For himself, he felt, in politically unsettled times it was best to stick to his quiet study and carefully preserve the holy fire of science and art, even if it is only an ember under the ashes, so that when the night of war has passed and the dawn of peace is breaking, the indispensable Promethean fire will not have vanished.

In addition to the useful expedient of heavy quotation, Boerner cleverly focuses upon the transitions in Goethe's life rather than the continuities. For example, when Goethe embarked upon his administrative career at the age of 26, invited by the Duke to become one of his chief councilors despite his lack of experience or qualification, he served for a decade as the organizing force behind everything from the Duchy's fire-fighting system and diplomacy to its small army and large library. Boerner dispenses with these years in one chapter, focusing upon Goethe's arrival and the reasons for his temporary departure -- the Goethe of Boerner's biography is a phoenix of self-cultivation whose preferred antidote to the poison of creative stagnation is to pack his bags:

Thus at the end of his tenth year in Weimar, he reached a decision to distance himself from his obligations there, if only temporarily. After putting all his official and personal affairs in order, he asked the Duke for an indefinite leave of absence. His actual departure took place seemingly from one day to the next and, as earlier in 1772 in Wetzlar and 1775 in Frankfurt, resembled a flight.

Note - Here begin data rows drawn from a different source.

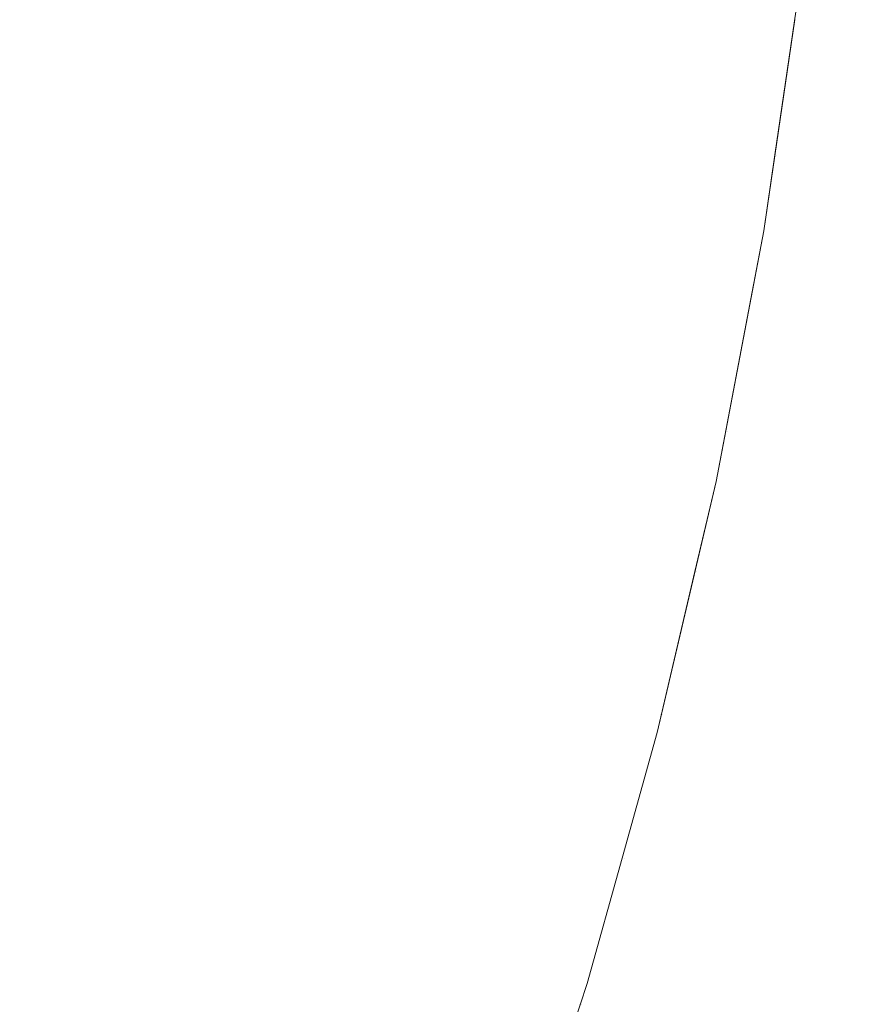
# Model space of a CAD drawing. Header units: centimetres. Extents: x -35.1 to 36.2, y 4.2 to 6.
# Tile 251 of 256: x 12.2417 to 12.263, y 4.6554 to 4.6805. Entities that reach past the tile are written whole.
import ezdxf

# ---------------------------------------------------------------- set-up
doc = ezdxf.new("R2010")
doc.units = ezdxf.units.CM
doc.header["$LTSCALE"] = 2.54
doc.layers.add('Lucido design-1', color=7, linetype='Continuous')

# ---------------------------------------------------------------- blocks, each defined once
blk = doc.blocks.new('Gruppo-4-1')
at = {"color": 7, "linetype": 'Continuous', "lineweight": 9}
blk.add_3dface([(-34.958478, 5.900089, -2312.32217), (-34.958478, 4.300089, -2312.32217), (36.07398, 4.300089, -2312.32217), (36.07398, 5.900089, -2312.32217)], dxfattribs=at)
for points, invisible_edges in [([(36.07398, 5.900089, -2313.12217), (36.07398, 4.300089, -2313.12217), (12.184224, 4.435459, -2313.12217), (12.201998, 4.442995, -2313.12217)], 10), ([(36.07398, 5.900089, -2313.12217), (12.201998, 4.442995, -2313.12217), (12.218861, 4.451009, -2313.12217)], 9), ([(36.07398, 5.900089, -2313.12217), (12.218861, 4.451009, -2313.12217), (12.223649, 4.453541, -2313.12217)], 9), ([(12.223649, 4.453541, -2313.12217), (12.234795, 4.459433, -2313.12217), (36.07398, 5.900089, -2313.12217)], 10), ([(36.07398, 5.900089, -2313.12217), (12.234795, 4.459433, -2313.12217), (12.249797, 4.468202, -2313.12217)], 9), ([(36.07398, 5.900089, -2313.12217), (12.249797, 4.468202, -2313.12217), (12.263873, 4.477254, -2313.12217)], 9), ([(12.261857, 4.683854, -2313.023745), (12.261448, 4.680463, -2313.023745), (12.261561, 4.681471, -2313.02217)], 11), ([(12.261857, 4.683854, -2313.023745), (12.261907, 4.683851, -2313.025344), (12.261499, 4.680459, -2313.025344), (12.261448, 4.680463, -2313.023745)], 15), ([(12.261585, 4.680453, -2313.026967), (12.261499, 4.680459, -2313.025344), (12.261907, 4.683851, -2313.025344), (12.261994, 4.683846, -2313.026967)], 15), ([(12.261994, 4.683846, -2313.026967), (12.262117, 4.683838, -2313.028615), (12.261709, 4.680444, -2313.028615), (12.261585, 4.680453, -2313.026967)], 15), ([(12.261871, 4.680432, -2313.030287), (12.261709, 4.680444, -2313.028615), (12.262117, 4.683838, -2313.028615), (12.26228, 4.683829, -2313.030287)], 15), ([(12.26228, 4.683829, -2313.030287), (12.262484, 4.683816, -2313.031982), (12.262074, 4.680417, -2313.031982), (12.261871, 4.680432, -2313.030287)], 15), ([(12.26232, 4.680399, -2313.033702), (12.262074, 4.680417, -2313.031982), (12.262484, 4.683816, -2313.031982), (12.26273, 4.683801, -2313.033702)], 15), ([(12.26273, 4.683801, -2313.033702), (12.26302, 4.683784, -2313.035444), (12.26261, 4.680377, -2313.035444), (12.26232, 4.680399, -2313.033702)], 15), ([(12.262946, 4.680352, -2313.03721), (12.26261, 4.680377, -2313.035444), (12.26302, 4.683784, -2313.035444), (12.263357, 4.683763, -2313.03721)], 15), ([(12.263357, 4.683763, -2313.03721), (12.263742, 4.68374, -2313.038998), (12.26333, 4.680324, -2313.038998), (12.262946, 4.680352, -2313.03721)], 15), ([(12.241102, 4.678747, -2312.769608), (12.241558, 4.681929, -2312.769608), (12.243306, 4.6818, -2312.771794), (12.242846, 4.678595, -2312.771794)], 15), ([(12.242846, 4.678595, -2312.771794), (12.243306, 4.6818, -2312.771794), (12.244973, 4.681677, -2312.774006), (12.24451, 4.678451, -2312.774006)], 15), ([(12.24451, 4.678451, -2312.774006), (12.244973, 4.681677, -2312.774006), (12.24656, 4.68156, -2312.776241), (12.246093, 4.678314, -2312.776241)], 15), ([(12.246093, 4.678314, -2312.776241), (12.24656, 4.68156, -2312.776241), (12.248064, 4.681449, -2312.778496), (12.247595, 4.678183, -2312.778496)], 15), ([(12.247595, 4.678183, -2312.778496), (12.248064, 4.681449, -2312.778496), (12.249487, 4.681344, -2312.780769), (12.249015, 4.67806, -2312.780769)], 15), ([(12.249015, 4.67806, -2312.780769), (12.249487, 4.681344, -2312.780769), (12.250827, 4.681246, -2312.783058), (12.250353, 4.677944, -2312.783058)], 15), ([(12.260626, 4.675099, -2312.82217), (12.261414, 4.680467, -2312.82217), (12.261561, 4.681471, -2313.02217), (12.26091, 4.67703, -2313.02217)], 10), ([(12.260955, 4.677024, -2313.023745), (12.26091, 4.67703, -2313.02217), (12.261561, 4.681471, -2313.02217), (12.261448, 4.680463, -2313.023745)], 13), ([(12.250353, 4.677944, -2312.783058), (12.250827, 4.681246, -2312.783058), (12.252085, 4.681153, -2312.78536), (12.251608, 4.677835, -2312.78536)], 15), ([(12.251608, 4.677835, -2312.78536), (12.252085, 4.681153, -2312.78536), (12.25326, 4.681066, -2312.787674), (12.252781, 4.677733, -2312.787674)], 15), ([(12.252781, 4.677733, -2312.787674), (12.25326, 4.681066, -2312.787674), (12.254353, 4.680986, -2312.789995), (12.253872, 4.677639, -2312.789995)], 15), ([(12.253872, 4.677639, -2312.789995), (12.254353, 4.680986, -2312.789995), (12.255364, 4.680911, -2312.792323), (12.254881, 4.677551, -2312.792323)], 15), ([(12.254881, 4.677551, -2312.792323), (12.255364, 4.680911, -2312.792323), (12.256293, 4.680843, -2312.794654), (12.255809, 4.67747, -2312.794654)], 15), ([(12.256656, 4.677397, -2312.796987), (12.255809, 4.67747, -2312.794654), (12.256293, 4.680843, -2312.794654), (12.257141, 4.68078, -2312.796987)], 15), ([(12.257141, 4.68078, -2312.796987), (12.25791, 4.680724, -2312.799319), (12.257422, 4.67733, -2312.799319), (12.256656, 4.677397, -2312.796987)], 15), ([(12.25811, 4.677271, -2312.801649), (12.257422, 4.67733, -2312.799319), (12.25791, 4.680724, -2312.799319), (12.258599, 4.680673, -2312.801649)], 15), ([(12.258599, 4.680673, -2312.801649), (12.259209, 4.680628, -2312.803974), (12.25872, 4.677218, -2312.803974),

While this emphasis upon transitions lends Boerner's narrative a commendable vivacity, it has the side-effect of scanting the less mercurial depths of Goethe's life. For one thing, the magnum opus which Goethe gestated for half a century, composing in fragments like an alchemist laboring in secret, is treated in one chapter rather than alluded to throughout the narrative. Faust claimed the best of Goethe's creative energies for decades, but Boerner's book only addresses it in a single chapter toward the end. Still, such scanting is perhaps an inevitable feature of the kind of introduction Boerner so excellently proffers; and when he does come to address the making of Faust, he finds the perfect words to describe it, Goethe's own:

More than sixty years ago, the concept of Faust was already clear to my youthful self, although the sequence of scenes was less distinct. I let the intent accompany me always, and worked only on those particular passages that interested me at the moment. Consequently, in the second part gaps remained that required a similar intensity of interest before they could be joined to the rest. Here the great obstacle was to achieve by means of resolve and willpower what really should have come from spontaneous action. But it would not be right if after such a long and reflective life this were not possible[.]

The newcomer to Goethe will leave Boerner's book with a clear impression of Goethe's personality and of the scope of his works, ready to read him and, perhaps, to read at greater length about him. The higher reaches of Goethe studies and translations in English await this reader, now that she is hooked: but we may thank Boerner that, at last, the hook has been baited by an excellent introduction.